▶ Exercise requirements
Nothing but the lines from the one with "[diagram p7: symbol" through the final line of the listing should appear in the answer, each copied exactly.
- - -
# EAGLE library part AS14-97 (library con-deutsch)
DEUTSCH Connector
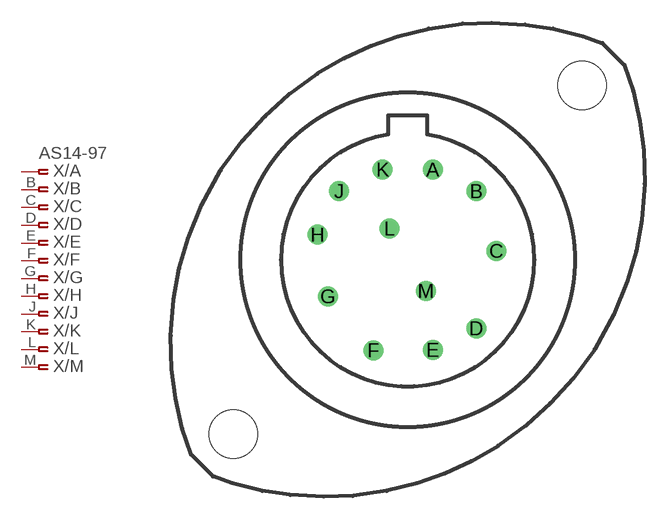
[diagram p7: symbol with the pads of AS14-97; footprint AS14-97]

Designator prefix X; gates /A=PINF_VAL /B=ASPINF /C=ASPINF /D=ASPINF /E=ASPINF /F=ASPINF /G=ASPINF /H=ASPINF /J=ASPINF /K=ASPINF /L=ASPINF /M=ASPINF

## AS14-97 (OC_FARNELL: unknown; OC_NEWARK: unknown)  [AS14-97]
A  /A:1  pas
B  /B:1  pas
C  /C:1  pas
D  /D:1  pas
E  /E:1  pas
F  /F:1  pas
G  /G:1  pas
H  /H:1  pas
J  /J:1  pas
K  /K:1  pas
L  /L:1  pas
M  /M:1  pas

## Footprint AS14-97 (pad centres in mm)
DEUTSCH Connector
drill 0.813 round: A 1.651,5.944; B 4.521,4.521; C 5.842,0.584; D 4.521,-4.521; E 1.651,-5.944; F -2.261,-5.969; G -5.258,-2.413; H -5.944,1.651; J -4.521,4.521; K -1.651,5.944; L -1.194,2.057; M 1.194,-2.057
hole 3.2 at 11.493,11.493
hole 3.2 at -11.493,-11.493
- - -
▶ Written response
[diagram p7: symbol with the pads of AS14-97; footprint AS14-97]

Designator prefix X; gates /A=PINF_VAL /B=ASPINF /C=ASPINF /D=ASPINF /E=ASPINF /F=ASPINF /G=ASPINF /H=ASPINF /J=ASPINF /K=ASPINF /L=ASPINF /M=ASPINF

## AS14-97 (OC_FARNELL: unknown; OC_NEWARK: unknown)  [AS14-97]
A  /A:1  pas
B  /B:1  pas
C  /C:1  pas
D  /D:1  pas
E  /E:1  pas
F  /F:1  pas
G  /G:1  pas
H  /H:1  pas
J  /J:1  pas
K  /K:1  pas
L  /L:1  pas
M  /M:1  pas

## Footprint AS14-97 (pad centres in mm)
DEUTSCH Connector
drill 0.813 round: A 1.651,5.944; B 4.521,4.521; C 5.842,0.584; D 4.521,-4.521; E 1.651,-5.944; F -2.261,-5.969; G -5.258,-2.413; H -5.944,1.651; J -4.521,4.521; K -1.651,5.944; L -1.194,2.057; M 1.194,-2.057
hole 3.2 at 11.493,11.493
hole 3.2 at -11.493,-11.493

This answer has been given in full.